By cindy on Tuesday, November 5, 2002 - 07:03 pm:

thanks for the messages some i understand and some I don't.I know what I have to do but doing them is hard cause I really don't know how.Thanks again

By Big John on Tuesday, November 5, 2002 - 08:01 pm:

Brother Maitreya ,
I just want to say thanks you . I just feel great in the Light of Love that's fullfilling this Universe.
We all are part of it. I have no word to express how beautiful is living , when you know that miracles of Love are happening all around us .
Love light and peace are for us , just for the asking.
Thanks from Italy. Big John

By anjali on Friday, November 1, 2002 - 08:41 am:

Your recent message:Our real and unreal self? 18.
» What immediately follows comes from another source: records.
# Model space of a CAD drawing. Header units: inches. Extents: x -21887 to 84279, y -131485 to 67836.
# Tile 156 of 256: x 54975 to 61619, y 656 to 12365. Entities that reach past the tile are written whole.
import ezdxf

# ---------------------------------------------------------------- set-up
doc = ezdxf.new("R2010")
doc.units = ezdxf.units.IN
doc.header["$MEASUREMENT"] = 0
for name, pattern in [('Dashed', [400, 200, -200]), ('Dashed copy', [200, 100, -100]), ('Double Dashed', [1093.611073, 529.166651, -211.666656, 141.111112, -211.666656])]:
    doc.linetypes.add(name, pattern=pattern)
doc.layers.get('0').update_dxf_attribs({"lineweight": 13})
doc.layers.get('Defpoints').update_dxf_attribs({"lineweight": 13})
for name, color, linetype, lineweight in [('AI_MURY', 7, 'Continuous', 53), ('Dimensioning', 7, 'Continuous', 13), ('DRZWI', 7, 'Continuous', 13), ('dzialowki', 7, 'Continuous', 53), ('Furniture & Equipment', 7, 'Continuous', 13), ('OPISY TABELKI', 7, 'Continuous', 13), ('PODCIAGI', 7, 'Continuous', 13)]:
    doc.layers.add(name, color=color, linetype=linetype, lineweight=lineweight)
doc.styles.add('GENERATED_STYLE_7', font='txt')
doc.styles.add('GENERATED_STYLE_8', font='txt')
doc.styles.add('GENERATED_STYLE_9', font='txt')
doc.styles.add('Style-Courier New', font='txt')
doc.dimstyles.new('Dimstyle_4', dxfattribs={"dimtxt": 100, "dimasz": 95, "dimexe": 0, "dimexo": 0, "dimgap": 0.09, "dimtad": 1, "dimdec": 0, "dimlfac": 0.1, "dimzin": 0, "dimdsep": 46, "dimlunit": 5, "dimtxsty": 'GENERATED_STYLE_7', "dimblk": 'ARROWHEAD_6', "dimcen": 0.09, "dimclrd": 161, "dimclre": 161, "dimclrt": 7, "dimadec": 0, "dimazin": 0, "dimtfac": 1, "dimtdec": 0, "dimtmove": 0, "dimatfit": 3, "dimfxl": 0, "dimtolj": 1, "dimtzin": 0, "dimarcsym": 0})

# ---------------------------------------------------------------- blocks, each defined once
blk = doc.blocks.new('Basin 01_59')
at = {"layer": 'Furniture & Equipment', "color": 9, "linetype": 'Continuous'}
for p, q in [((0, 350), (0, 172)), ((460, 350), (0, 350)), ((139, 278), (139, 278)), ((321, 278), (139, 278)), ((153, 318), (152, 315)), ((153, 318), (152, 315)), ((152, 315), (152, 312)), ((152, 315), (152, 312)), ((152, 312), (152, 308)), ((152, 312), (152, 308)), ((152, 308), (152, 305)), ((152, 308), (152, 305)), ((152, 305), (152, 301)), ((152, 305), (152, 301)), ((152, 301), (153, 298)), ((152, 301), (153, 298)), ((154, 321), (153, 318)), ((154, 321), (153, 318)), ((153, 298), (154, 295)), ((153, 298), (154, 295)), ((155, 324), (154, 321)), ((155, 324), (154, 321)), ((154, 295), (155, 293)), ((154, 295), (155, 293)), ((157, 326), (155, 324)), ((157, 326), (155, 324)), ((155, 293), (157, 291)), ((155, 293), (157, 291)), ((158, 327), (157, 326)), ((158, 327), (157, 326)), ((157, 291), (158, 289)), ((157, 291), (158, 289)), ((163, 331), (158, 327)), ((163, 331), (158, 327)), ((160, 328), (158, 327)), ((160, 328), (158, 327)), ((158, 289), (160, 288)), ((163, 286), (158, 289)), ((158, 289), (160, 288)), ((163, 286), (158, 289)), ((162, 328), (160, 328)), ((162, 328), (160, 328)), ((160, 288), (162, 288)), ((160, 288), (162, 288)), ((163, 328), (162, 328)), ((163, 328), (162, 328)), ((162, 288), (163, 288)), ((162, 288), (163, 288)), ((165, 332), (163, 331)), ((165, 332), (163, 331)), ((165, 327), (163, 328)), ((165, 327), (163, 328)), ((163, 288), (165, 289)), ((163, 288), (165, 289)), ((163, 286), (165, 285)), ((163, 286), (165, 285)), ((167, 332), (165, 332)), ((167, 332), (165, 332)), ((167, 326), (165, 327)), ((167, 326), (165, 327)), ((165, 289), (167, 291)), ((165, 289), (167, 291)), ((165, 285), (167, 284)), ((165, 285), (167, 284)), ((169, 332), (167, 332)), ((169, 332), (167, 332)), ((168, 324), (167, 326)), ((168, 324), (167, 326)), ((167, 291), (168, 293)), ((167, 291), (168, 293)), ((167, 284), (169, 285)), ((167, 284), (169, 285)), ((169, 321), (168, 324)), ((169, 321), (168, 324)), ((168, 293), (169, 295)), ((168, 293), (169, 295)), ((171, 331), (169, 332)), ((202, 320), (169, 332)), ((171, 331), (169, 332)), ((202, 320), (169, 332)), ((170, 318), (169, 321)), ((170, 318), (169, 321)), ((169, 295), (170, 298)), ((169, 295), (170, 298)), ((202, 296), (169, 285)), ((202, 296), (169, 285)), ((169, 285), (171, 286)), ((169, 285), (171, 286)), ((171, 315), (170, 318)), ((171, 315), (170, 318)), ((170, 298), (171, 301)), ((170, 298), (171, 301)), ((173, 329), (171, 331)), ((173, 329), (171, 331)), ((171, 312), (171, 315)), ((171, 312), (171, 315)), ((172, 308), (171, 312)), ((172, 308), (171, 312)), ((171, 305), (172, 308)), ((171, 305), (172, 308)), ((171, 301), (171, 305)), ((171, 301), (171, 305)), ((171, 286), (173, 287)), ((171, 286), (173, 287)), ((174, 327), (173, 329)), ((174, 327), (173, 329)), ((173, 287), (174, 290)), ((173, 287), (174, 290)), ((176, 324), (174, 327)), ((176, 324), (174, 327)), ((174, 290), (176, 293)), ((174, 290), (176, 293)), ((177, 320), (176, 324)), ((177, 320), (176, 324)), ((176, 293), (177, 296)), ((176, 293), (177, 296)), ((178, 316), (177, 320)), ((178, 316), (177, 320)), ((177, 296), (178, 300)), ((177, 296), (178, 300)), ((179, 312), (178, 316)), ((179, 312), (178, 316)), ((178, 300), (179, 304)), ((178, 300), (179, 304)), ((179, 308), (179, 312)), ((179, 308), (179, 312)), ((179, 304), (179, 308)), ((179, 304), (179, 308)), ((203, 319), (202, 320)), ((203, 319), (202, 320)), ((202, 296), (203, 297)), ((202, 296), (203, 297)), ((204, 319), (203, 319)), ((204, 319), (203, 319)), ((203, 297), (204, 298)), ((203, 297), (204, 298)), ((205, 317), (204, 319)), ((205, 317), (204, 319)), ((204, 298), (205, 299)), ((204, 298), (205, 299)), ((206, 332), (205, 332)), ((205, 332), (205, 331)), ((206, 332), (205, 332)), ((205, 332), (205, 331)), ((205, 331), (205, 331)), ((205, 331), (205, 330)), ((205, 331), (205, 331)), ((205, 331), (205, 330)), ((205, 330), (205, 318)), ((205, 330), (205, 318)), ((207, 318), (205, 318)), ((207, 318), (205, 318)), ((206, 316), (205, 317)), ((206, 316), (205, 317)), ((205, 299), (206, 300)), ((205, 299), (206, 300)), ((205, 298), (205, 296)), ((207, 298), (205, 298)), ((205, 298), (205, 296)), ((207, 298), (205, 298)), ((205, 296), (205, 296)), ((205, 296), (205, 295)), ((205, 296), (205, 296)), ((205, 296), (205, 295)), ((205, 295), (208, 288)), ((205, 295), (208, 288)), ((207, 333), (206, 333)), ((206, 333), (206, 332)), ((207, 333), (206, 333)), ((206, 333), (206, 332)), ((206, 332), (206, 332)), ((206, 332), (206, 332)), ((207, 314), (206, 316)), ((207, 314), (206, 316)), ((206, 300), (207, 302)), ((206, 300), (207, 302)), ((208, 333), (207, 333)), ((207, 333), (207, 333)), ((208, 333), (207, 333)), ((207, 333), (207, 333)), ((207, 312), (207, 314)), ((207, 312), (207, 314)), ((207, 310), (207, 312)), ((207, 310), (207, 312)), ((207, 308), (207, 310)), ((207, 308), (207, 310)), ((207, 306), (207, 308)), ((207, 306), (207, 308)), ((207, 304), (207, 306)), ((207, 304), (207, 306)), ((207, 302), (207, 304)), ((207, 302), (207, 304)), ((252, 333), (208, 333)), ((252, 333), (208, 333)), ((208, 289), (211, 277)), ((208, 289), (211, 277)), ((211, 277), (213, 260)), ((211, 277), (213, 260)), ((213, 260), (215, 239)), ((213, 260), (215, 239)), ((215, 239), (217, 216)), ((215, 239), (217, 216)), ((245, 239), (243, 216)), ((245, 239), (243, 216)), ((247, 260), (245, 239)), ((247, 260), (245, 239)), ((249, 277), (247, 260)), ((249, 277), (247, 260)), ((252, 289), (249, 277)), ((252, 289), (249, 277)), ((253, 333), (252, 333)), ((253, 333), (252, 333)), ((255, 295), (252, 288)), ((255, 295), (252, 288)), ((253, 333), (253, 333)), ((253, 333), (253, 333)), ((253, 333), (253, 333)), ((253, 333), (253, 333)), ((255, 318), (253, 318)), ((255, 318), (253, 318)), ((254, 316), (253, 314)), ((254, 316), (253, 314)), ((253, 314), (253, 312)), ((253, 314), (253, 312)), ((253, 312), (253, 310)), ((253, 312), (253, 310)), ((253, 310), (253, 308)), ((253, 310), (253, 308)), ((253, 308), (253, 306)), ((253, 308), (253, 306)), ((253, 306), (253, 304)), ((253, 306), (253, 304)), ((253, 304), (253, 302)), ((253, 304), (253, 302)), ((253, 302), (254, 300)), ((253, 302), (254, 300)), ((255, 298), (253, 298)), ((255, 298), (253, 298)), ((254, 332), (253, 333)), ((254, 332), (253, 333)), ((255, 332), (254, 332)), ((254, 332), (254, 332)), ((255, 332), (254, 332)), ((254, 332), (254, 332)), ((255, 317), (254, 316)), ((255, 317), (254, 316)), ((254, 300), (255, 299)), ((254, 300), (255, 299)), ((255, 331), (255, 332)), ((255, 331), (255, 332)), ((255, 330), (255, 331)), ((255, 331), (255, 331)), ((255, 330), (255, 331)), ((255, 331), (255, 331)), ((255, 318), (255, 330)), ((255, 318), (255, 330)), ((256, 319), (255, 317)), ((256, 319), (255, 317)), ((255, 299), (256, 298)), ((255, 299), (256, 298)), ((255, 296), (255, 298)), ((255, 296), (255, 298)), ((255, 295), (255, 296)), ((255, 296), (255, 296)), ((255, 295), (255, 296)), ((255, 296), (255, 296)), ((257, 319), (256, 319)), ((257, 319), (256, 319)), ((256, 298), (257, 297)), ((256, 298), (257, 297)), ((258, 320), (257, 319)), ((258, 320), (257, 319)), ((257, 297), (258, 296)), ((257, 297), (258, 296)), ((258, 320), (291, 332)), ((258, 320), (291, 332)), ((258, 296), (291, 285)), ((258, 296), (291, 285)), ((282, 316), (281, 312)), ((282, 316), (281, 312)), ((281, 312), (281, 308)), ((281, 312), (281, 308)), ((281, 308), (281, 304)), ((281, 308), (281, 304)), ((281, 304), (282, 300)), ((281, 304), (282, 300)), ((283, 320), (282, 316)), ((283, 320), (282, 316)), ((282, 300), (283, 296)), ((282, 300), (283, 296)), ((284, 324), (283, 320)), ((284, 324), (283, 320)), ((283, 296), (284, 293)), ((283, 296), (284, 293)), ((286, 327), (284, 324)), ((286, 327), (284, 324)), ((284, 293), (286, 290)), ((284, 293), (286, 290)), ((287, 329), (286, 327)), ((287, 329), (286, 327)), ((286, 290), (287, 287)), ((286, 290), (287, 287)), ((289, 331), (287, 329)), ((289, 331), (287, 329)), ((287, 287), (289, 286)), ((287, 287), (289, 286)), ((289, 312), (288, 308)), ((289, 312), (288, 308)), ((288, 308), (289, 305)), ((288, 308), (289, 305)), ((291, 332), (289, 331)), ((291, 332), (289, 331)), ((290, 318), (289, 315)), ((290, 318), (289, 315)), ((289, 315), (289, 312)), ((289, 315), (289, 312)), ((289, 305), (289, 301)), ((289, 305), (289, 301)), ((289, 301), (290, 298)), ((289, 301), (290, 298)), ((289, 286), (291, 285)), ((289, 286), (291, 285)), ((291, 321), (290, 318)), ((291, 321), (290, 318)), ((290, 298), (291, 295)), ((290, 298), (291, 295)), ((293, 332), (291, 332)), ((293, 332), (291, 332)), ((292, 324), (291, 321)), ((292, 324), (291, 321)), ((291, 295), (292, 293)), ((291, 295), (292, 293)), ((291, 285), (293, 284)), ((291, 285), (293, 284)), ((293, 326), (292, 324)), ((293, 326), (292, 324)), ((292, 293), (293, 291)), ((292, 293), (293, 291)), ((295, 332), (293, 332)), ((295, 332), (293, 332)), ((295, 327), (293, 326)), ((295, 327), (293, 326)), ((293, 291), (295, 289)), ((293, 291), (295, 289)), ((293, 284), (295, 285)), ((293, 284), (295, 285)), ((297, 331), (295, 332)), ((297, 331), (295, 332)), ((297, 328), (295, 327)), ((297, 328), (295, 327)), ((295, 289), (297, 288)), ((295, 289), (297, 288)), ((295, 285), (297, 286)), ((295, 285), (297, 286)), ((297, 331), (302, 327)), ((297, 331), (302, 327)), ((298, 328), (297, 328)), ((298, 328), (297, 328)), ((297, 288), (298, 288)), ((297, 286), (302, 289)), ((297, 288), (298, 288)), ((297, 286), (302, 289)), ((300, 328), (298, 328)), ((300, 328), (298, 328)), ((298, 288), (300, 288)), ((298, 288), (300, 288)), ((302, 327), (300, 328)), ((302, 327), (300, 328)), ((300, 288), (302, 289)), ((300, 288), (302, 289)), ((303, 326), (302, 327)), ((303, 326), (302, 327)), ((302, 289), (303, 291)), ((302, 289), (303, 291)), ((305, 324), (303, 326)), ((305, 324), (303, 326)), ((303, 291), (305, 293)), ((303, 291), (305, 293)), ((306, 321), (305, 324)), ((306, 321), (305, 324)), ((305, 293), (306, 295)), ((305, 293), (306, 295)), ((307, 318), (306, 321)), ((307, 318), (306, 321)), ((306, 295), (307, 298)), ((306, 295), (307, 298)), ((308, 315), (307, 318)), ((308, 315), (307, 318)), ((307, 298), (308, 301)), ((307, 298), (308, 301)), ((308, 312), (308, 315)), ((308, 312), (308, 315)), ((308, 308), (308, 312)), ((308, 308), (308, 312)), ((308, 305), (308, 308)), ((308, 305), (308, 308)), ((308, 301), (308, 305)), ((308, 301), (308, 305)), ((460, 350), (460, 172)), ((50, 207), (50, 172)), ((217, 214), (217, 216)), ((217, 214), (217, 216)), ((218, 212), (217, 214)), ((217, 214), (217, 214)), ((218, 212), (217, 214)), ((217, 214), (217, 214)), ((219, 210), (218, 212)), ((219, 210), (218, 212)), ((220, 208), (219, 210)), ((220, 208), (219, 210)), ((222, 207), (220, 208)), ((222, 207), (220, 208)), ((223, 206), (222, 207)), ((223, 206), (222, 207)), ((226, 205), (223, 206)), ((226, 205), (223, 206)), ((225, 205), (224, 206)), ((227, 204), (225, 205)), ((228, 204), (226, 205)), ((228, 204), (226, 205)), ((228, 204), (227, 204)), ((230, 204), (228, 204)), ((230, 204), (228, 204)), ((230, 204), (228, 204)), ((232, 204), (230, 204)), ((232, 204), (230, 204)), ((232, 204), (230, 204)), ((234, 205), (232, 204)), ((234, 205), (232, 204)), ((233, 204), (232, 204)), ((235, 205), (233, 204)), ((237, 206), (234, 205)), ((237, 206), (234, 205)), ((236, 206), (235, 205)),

This is what i have been waiting for, your messages are becoming more and more interesting. I'm begining
to receive the answers to all my questions. I'm waiting eagerly everyday to read your messages.

Thanks a lot brother.

Have you written any books?.

With Love,
sister anjali.

By shanti on Saturday, November 2, 2002 - 02:12 am:

Dear friend,
I do not know who u r but ur messages are so real. Right now the awareness of impermanence is surfacing so strongly in my universe and altheough it is surely a good thing, it makes life feel so fragile. so many people suffer and theres so much pain everywhere. It is too much. I wish there was something i could do. You spread so much light and i want to thank you. namaste to you dearest maitreya.

By cindy on Thursday, October 31, 2002 - 06:56 pm:

everyday the message u send me has already happen the day before i read you message thanks cindy

By Sasa on Thursday, October 31, 2002 - 10:18 pm:

Dear Brother,
Thank you for answering me.
You told me to write a letter to explain my health' problem.
I suffer from anaemia because I have iron deficiency which causes
weakness, lethargy and sometimes I faint.
Long ago (at the age: 28) I wanted to be vegetarian and I had my diet unbalanced. Furthermore iron deficiency is common in women who have heavy periods.
On the other hand, my life has been very stressful and very sad and I am confused about love.
I would be very grateful if you could help me.
Blessings!
SASA

Dear Sister SASA

I will be writing by mail you soon with a natural simple but effective therapy to heal your anaemia condition. This condition is not caused by eating vegetarian diet.

Confusion in love means you are confused with self. Do not look for answers in others. Please try to trust yourself and dont be insecure. Nothing is permanent except your SELF. Remove all your fears. You will be all right soon.

m

By Ashok on Wednesday, October 30, 2002 - 06:51 pm:

Dear Maitreya:

Your analysis of the real life is fascinating.I could go on and on reading your messages. Many days I look forward to opening the mail, hoping the messages will cheer me up to start a new day..
daily routine life gets so dull and meaningless.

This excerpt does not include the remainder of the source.